Aber... wie es eben so ist: Je "besser" man es machen will, desto aufwändiger wird's meistens...


----------



## RobJava (2. Jan 2012)

vielen Dank 
ich schau mal wie ich das umsetzen kann 
nochmal eine kleine Frage, (ich weiß nicht ob ich ein neues Thema anfangen soll oder gerade nochmal nachfragen kann), wie kann ich bestimmen wann sie die Pixel von der Bitmap treffen, also ich meine die farbigen, anstatt das ich nur unterscheide ob sich die Bitmaps im kompletten treffen?
Also statt (Bitmap | |---><---| | Bitmap) dann gucken ob sich einzelne Pixel überschneiden.
vielen Dank nochmal


----------



## Marco13 (2. Jan 2012)

So eine Pixelgenaue Kollision zwischen zwei Bitmaps ist so erstmal zu aufwändig.
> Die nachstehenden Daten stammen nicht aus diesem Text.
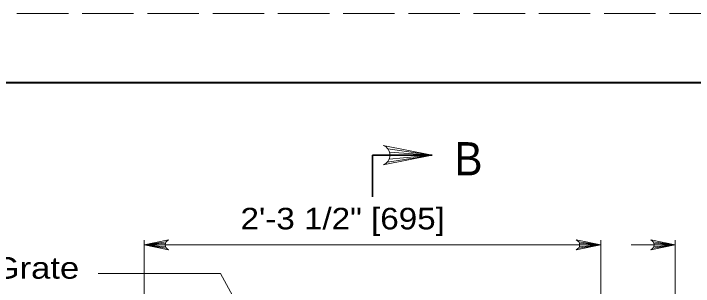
# Model space of a CAD drawing. Extents: x -410.5 to -376.5, y 1617.6 to 1661.6.
# Drawn here: x -405.643 to -400.725, y 1659.586 to 1661.562 of the extents above; entities that cross this region are included whole.
import ezdxf

# ---------------------------------------------------------------- set-up
doc = ezdxf.new("R2010")
doc.units = 0
doc.header["$LTSCALE"] = 0.062
doc.linetypes.add('LONG_DASHED', pattern=[7.5, 6, -1.5])
doc.layers.add('1', color=7, linetype='Continuous', lineweight=13)

msp = doc.modelspace()

# ---------------------------------------------------------------- linework, layer by layer
at = {"layer": '1', "lineweight": 25}
msp.add_line((-408.45475, 1661.06183), (-376.95475, 1661.06183), dxfattribs=at)
at = {"layer": '1'}
for p, q in [((-402.93492, 1660.5815), (-402.61442, 1660.53667)), ((-402.92408, 1660.55933), (-402.61442, 1660.53667)), ((-402.93875, 1660.48708), (-402.61442, 1660.53667)), ((-402.92642, 1660.50783), (-402.61442, 1660.53667)), ((-402.92075, 1660.53667), (-402.61442, 1660.53667)), ((-404.69908, 1658.80683), (-404.69908, 1659.92217)), ((-404.53883, 1659.90942), (-404.69908, 1659.887)), ((-401.55533, 1659.90942), (-401.39508, 1659.887)), ((-401.39508, 1658.80683), (-401.39508, 1659.92217)), ((-401.01667, 1659.90942), (-400.85642, 1659.887)), ((-400.85642, 1658.80683), (-400.85642, 1659.92217)), ((-404.54433, 1659.89833), (-404.69908, 1659.887)), ((-404.54592, 1659.887), (-404.69908, 1659.887)), ((-404.54308, 1659.87258), (-404.69908, 1659.887)), ((-404.537, 1659.86225), (-404.69908, 1659.887)), ((-401.55725, 1659.86225), (-401.39508, 1659.887)), ((-401.55108, 1659.87258), (-401.39508, 1659.887)), ((-401.54992, 1659.89833), (-401.39508, 1659.887)), ((-401.54825, 1659.887), (-401.39508, 1659.887)), ((-401.17475, 1659.887), (-400.85642, 1659.887)), ((-401.0185, 1659.86225), (-400.85642, 1659.887)), ((-401.01242, 1659.87258), (-400.85642, 1659.887)), ((-401.01125, 1659.89833), (-400.85642, 1659.887)), ((-401.00958, 1659.887), (-400.85642, 1659.887))]:
    msp.add_line(p, q, dxfattribs=at)
at = {"layer": '1', "lineweight": 35}
for p, q in [((-403.04708, 1660.53667), (-402.61442, 1660.53667)), ((-403.04708, 1660.23458), (-403.04708, 1660.53667))]:
    msp.add_line(p, q, dxfattribs=at)
at = {"layer": '1', "linetype": 'LONG_DASHED'}
msp.add_lwpolyline([(-410.45475, 1639.56183), (-376.45475, 1639.56183), (-376.45475, 1661.56183), (-410.45475, 1661.56183)], close=True, dxfattribs=at)
at = {"layer": '1', "lineweight": 40}
msp.add_lwpolyline([(-408.45475, 1661.06183), (-376.95475, 1661.06183), (-376.95475, 1640.06183), (-408.45475, 1640.06183)], close=True, dxfattribs=at)
msp.add_lwpolyline([(-408.45475, 1661.06183), (-376.95475, 1661.06183), (-376.95475, 1640.06183), (-408.45475, 1640.06183)], close=True, dxfattribs=at)
at = {"layer": '1'}
for points in [[(-402.96842, 1660.46583), (-402.61442, 1660.53667), (-402.96842, 1660.60742)], [(-404.52208, 1659.85158), (-404.69908, 1659.887), (-404.52208, 1659.92242)], [(-401.57208, 1659.85158), (-401.39508, 1659.887), (-401.57208, 1659.92242)], [(-401.03342, 1659.85158), (-400.85642, 1659.887), (-401.03342, 1659.92242)], [(-404.69908, 1659.887), (-402.93108, 1659.887), (-401.89233, 1659.887), (-401.39508, 1659.887)], [(-403.62667, 1658.72817), (-404.14675, 1659.67892), (-405.03058, 1659.67892)]]:
    msp.add_lwpolyline(points, dxfattribs=at)
for centre, radius, start, end in [((-402.99703, 1660.53671), 0.0764, 292.08605, 67.91218), ((-404.50782, 1659.88703), 0.0382, 112.08782, 247.91395), ((-401.58641, 1659.88703), 0.0382, 292.08605, 67.91218), ((-401.0477, 1659.88703), 0.0382, 292.08605, 67.91218)]:
    msp.add_arc(centre, radius, start, end, dxfattribs=at)

# ---------------------------------------------------------------- texts
for s, height, width, p in [('B', 0.24, 0.95, (-402.45375, 1660.39075)), ('2\'-3 1/2" [695]', 0.156, 1.15, (-404.00133, 1659.99925)), ('Grate', 0.156, 1.2, (-405.79458, 1659.64208))]:
    msp.add_text(s, height=height, dxfattribs=dict(at, width=width)).set_placement(p)

doc.saveas('drawing.dxf')
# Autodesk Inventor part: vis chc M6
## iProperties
Library Location: C:\Program Files\Autodesk\Inventor 6\content
Library: local
SubLibrary: ISO
Family: 13
Member: 690
Member Major Revision: 1
Member Minor Revision: 1
Comments: To add or edit properties for Autodesk Inventor files, use iProperties.
Created: 2003-05
Part Number: vis chc M6
Vendor: Autodesk Inc.
Document SubType Name: Modeling
Designer: robert
Description: Vis cylindrique à six pans creux
Standard: ISO 4762 M6 x 60
Material: Steel, Mild
Alert: To add or edit properties for Autodesk Inventor files, use iProperties.
Control State: 0
Master: False
Checked Out: False
Shininess: 64.0
Length Units: 11269
Angle Units: 11279
Time Units: 11290
Mass Units: 11283
Length Display Precision: 3
Angle Display Precision: 2
Compacted: True
EGR: 1
Density: 0.0
Volumn: 0.0
Area: 0.0
PropertySet Name: Model Information
Author: robert
Revision Number: 1
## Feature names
1. Corps [Revolution]
2. Fente [Extrusion]
3. Congé1 [Fillet]
4. Chanfrein1 [Chamfer]
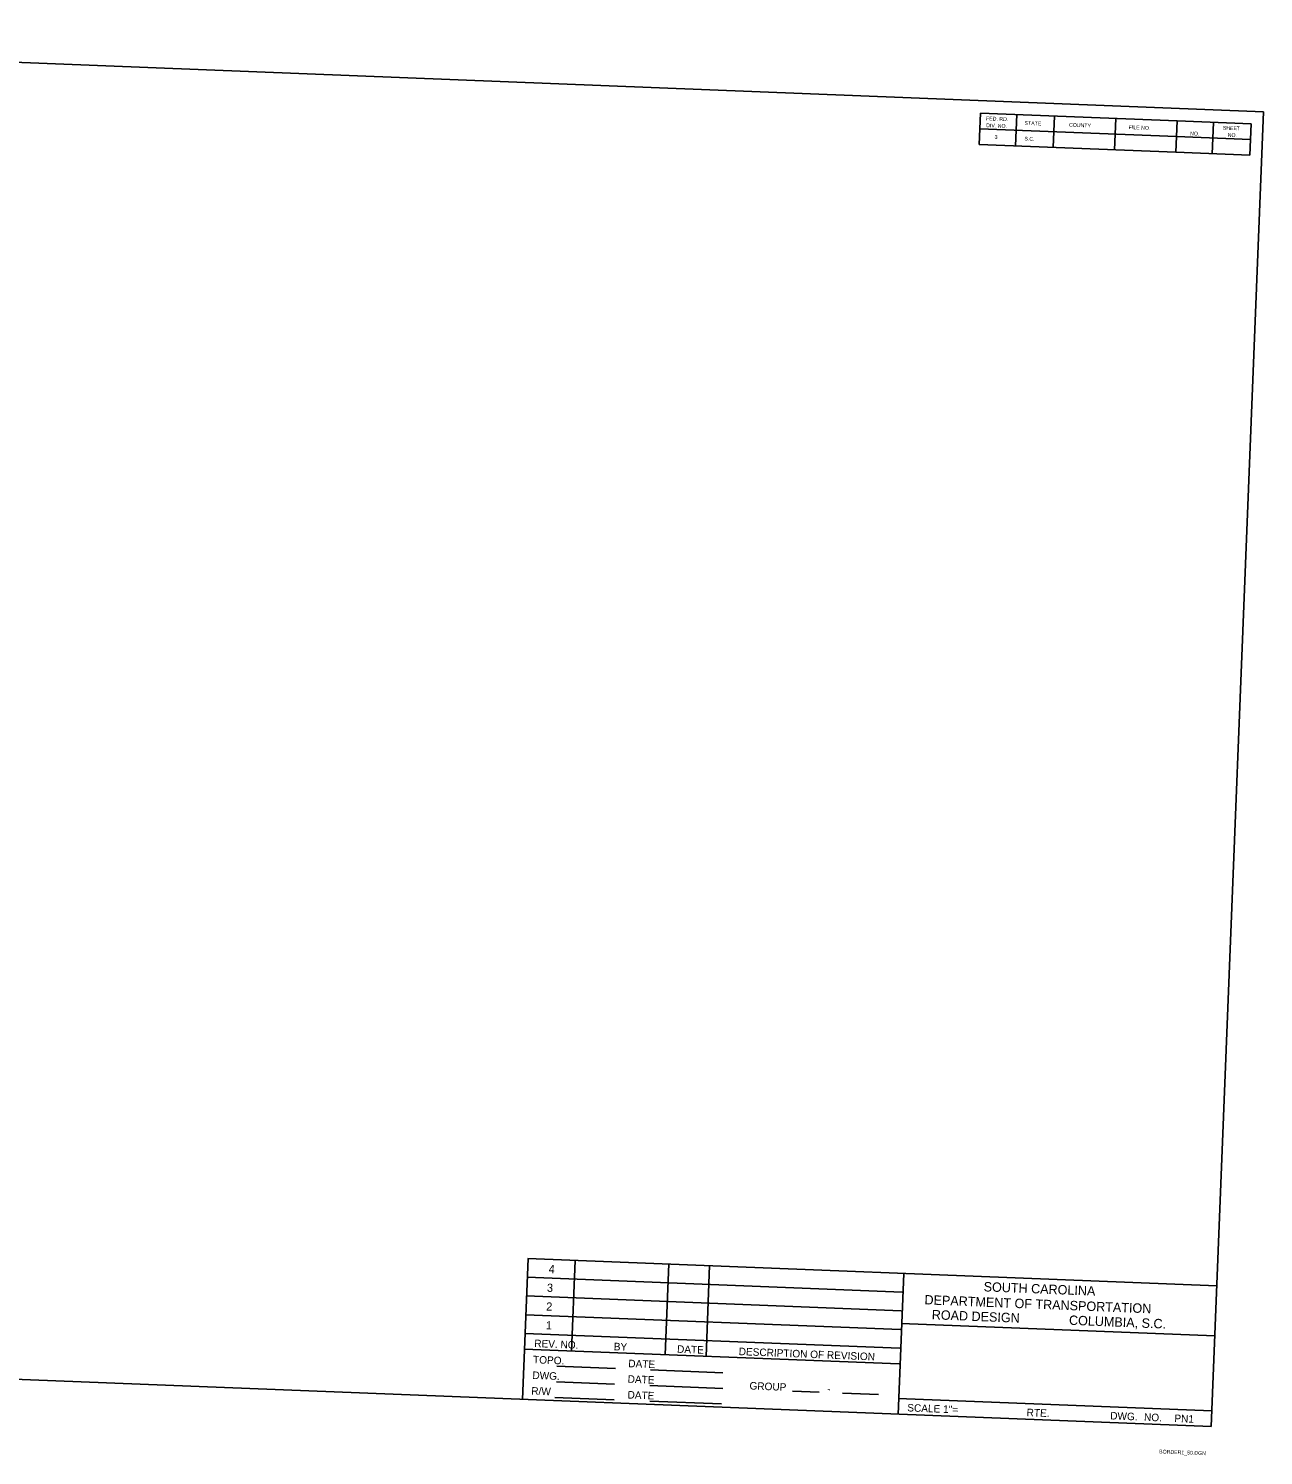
# Model space of a CAD drawing. Extents: x 1965566 to 1970293, y 1116554 to 1118568.
# Drawn here: x 1969307 to 1970293, y 1117298 to 1118437 of the extents above; entities that cross this region are included whole.
import ezdxf

# ---------------------------------------------------------------- set-up
doc = ezdxf.new("R2010")
doc.units = 0
doc.layers.add('Level 1', color=7, linetype='Continuous')

msp = doc.modelspace()

# ---------------------------------------------------------------- linework, layer by layer
at = {"layer": 'Level 1'}
for p, q in [((1970292.6, 1118370.1), (1968618.9, 1118436.6)), ((1970066.8, 1118369.1), (1970065.8, 1118344.1)), ((1970066.8, 1118369.1), (1970223.7, 1118362.8)), ((1970095.8, 1118367.9), (1970094.8, 1118342.9)), ((1970125.8, 1118366.7), (1970124.8, 1118341.8)), ((1970250.9, 1117321), (1970292.6, 1118370.1)), ((1970066.3, 1118356.6), (1970223.2, 1118350.4)), ((1970174.8, 1118364.8), (1970173.8, 1118339.8)), ((1970223.7, 1118362.8), (1970222.7, 1118337.9)), ((1970223.7, 1118362.8), (1970282.7, 1118360.5)), ((1970252.7, 1118361.7), (1970251.7, 1118336.7)), ((1970282.7, 1118360.5), (1970281.7, 1118335.5)), ((1970065.8, 1118344.1), (1970222.7, 1118337.9)), ((1970223.2, 1118350.4), (1970282.2, 1118348)), ((1970222.7, 1118337.9), (1970281.7, 1118335.5)), ((1969701.3, 1117342.6), (1969705.8, 1117455.1)), ((1969705.6, 1117455.2), (1970255.4, 1117433.4)), ((1969740.4, 1117381.1), (1969743.3, 1117453.6)), ((1969815.3, 1117378.1), (1969818.2, 1117450.7)), ((1969847.8, 1117376.8), (1969850.7, 1117449.4)), ((1969705, 1117440.2), (1970004.2, 1117428.3)), ((1970001.1, 1117330.7), (1970005.6, 1117443.2)), ((1969704.4, 1117425.2), (1970003.6, 1117413.3)), ((1969703.8, 1117410.2), (1970003, 1117398.3)), ((1970003.4, 1117403.3), (1970253.8, 1117393.4)), ((1968577.2, 1117387.4), (1970250.9, 1117321)), ((1969703.2, 1117395.2), (1970002.4, 1117383.4)), ((1969702.7, 1117382.7), (1970001.9, 1117370.9)), ((1969728.9, 1117369.2), (1969775.6, 1117367.3)), ((1969803.6, 1117366.2), (1969861.2, 1117363.9)), ((1969728.4, 1117356.7), (1969774.7, 1117354.9)), ((1969803.1, 1117353.7), (1969861.1, 1117351.4)), ((1969727.1, 1117344.2), (1969774.6, 1117342.4)), ((1969916.7, 1117349.2), (1969938.1, 1117348.4)), ((1969956.8, 1117347.6), (1969985.3, 1117346.5)), ((1970001, 1117343.4), (1970251.4, 1117333.4)), ((1969803, 1117341.2), (1969860.2, 1117339))]:
    msp.add_line(p, q, dxfattribs=at)

# ---------------------------------------------------------------- texts
for s, height, p in [('FED. RD.', 3, (1970071.2, 1118363.4)), ('DIV. NO.', 3, (1970071.3, 1118357.9)), ('STATE', 3, (1970101.9, 1118359.7)), ('COUNTY', 3, (1970137.4, 1118358.3)), ('FILE NO.', 3, (1970185, 1118356.4)), ('SHEET', 3, (1970260.1, 1118355.9)), ('3', 3, (1970078, 1118348.6)), ('S.C.', 3, (1970101.8, 1118347.2)), ('NO.', 3, (1970234, 1118351.4)), ('NO.', 3, (1970264, 1118350.2)), ('4', 6.5, (1969722.2, 1117443.5)), ('3', 6.5, (1969720.8, 1117428.6)), ('SOUTH CAROLINA', 7.5, (1970069.2, 1117428.9)), ('DEPARTMENT OF TRANSPORTATION', 7.5, (1970022, 1117418.5)), ('2', 6.5, (1969720.2, 1117413.6)), ('ROAD DESIGN', 7.5, (1970027.8, 1117406.6)), ('1', 6.5, (1969720, 1117398.6)), ('COLUMBIA, S.C.', 7.5, (1970137.3, 1117402.2)), ('REV. NO.', 6, (1969710.7, 1117384.4)), ('BY', 6, (1969774.1, 1117381.9)), ('TOPO.', 6, (1969709.7, 1117371.5)), ('DATE', 6, (1969824.6, 1117379.9)), ('DESCRIPTION OF REVISION', 6, (1969873.8, 1117378)), ('DWG.', 6, (1969709.2, 1117359)), ('DATE', 6, (1969785.7, 1117368.4)), ('DATE', 6, (1969785.2, 1117356)), ('GROUP', 6, (1969882.4, 1117350.6)), ('R/W', 6, (1969708.3, 1117346.5)), ('DATE', 6, (1969785.1, 1117343.4)), ('-', 6, (1969944.3, 1117348.1)), ('SCALE 1"=', 6, (1970008.3, 1117333.1)), ('RTE.', 6, (1970103.5, 1117329.3)), ('DWG.', 6, (1970170.2, 1117326.7)), ('NO.', 6, (1970197.2, 1117325.6)), ('PN1', 6, (1970221.4, 1117324.6)), ('BORDER1_50.DGN', 3, (1970209.3, 1117299.6))]:
    msp.add_text(s, height=height, rotation=357.7266, dxfattribs=at).set_placement(p)

doc.saveas('drawing.dxf')

Festzustellen, ob EIN Punkt einen (nicht-transparenten) Pixel eines Bildes berührt ist einfach, aber _gegenseitig_ von zwei Bilder ist das kaum vernünftig machbar - man müßte über alle Pixel laufen und sie alle einzeln testen (und ich weiß auch nicht, wie dir das an dieser Stelle weiterhelfen würde).


----------



## RobJava (2. Jan 2012)

Also wenn ich das nur bei einer der beiden Bitmaps machen würde, wie würde das funktionieren? 
Lg RobJava


----------



## Marco13 (2. Jan 2012)

Bei einem BufferedImage kann man mit
int argb = image.getRGB(x,y);
einen Pixel abfragen. Da kann man dann z.B. mit 
if (argb = Color.RED.getRGB()) { ...}
prüfen, ob der Pixel rot ist (und noch detailliertere Abfragen, je nach Anforderung)


----------



## RobJava (2. Jan 2012)

ok so ganz krieg ich es nicht mit ner einfachen Bitmap hin...


----------



## fastjack (3. Jan 2012)

Zur Kollision könntest Du zu den Bildern ein Kollisions-Polygon machen. Versuche die wenn möglich dynamisch zu erzeugen. Dann prüfst Du, ob sich zwei Polygone berühren. Das sollte mit den Polygonmethoden möglich sein.


----------



## Marco13 (3. Jan 2012)

RobJava hat gesagt.:


> ok so ganz krieg ich es nicht mit ner einfachen Bitmap hin...



Poste mehr code und genauere Fragen.


----------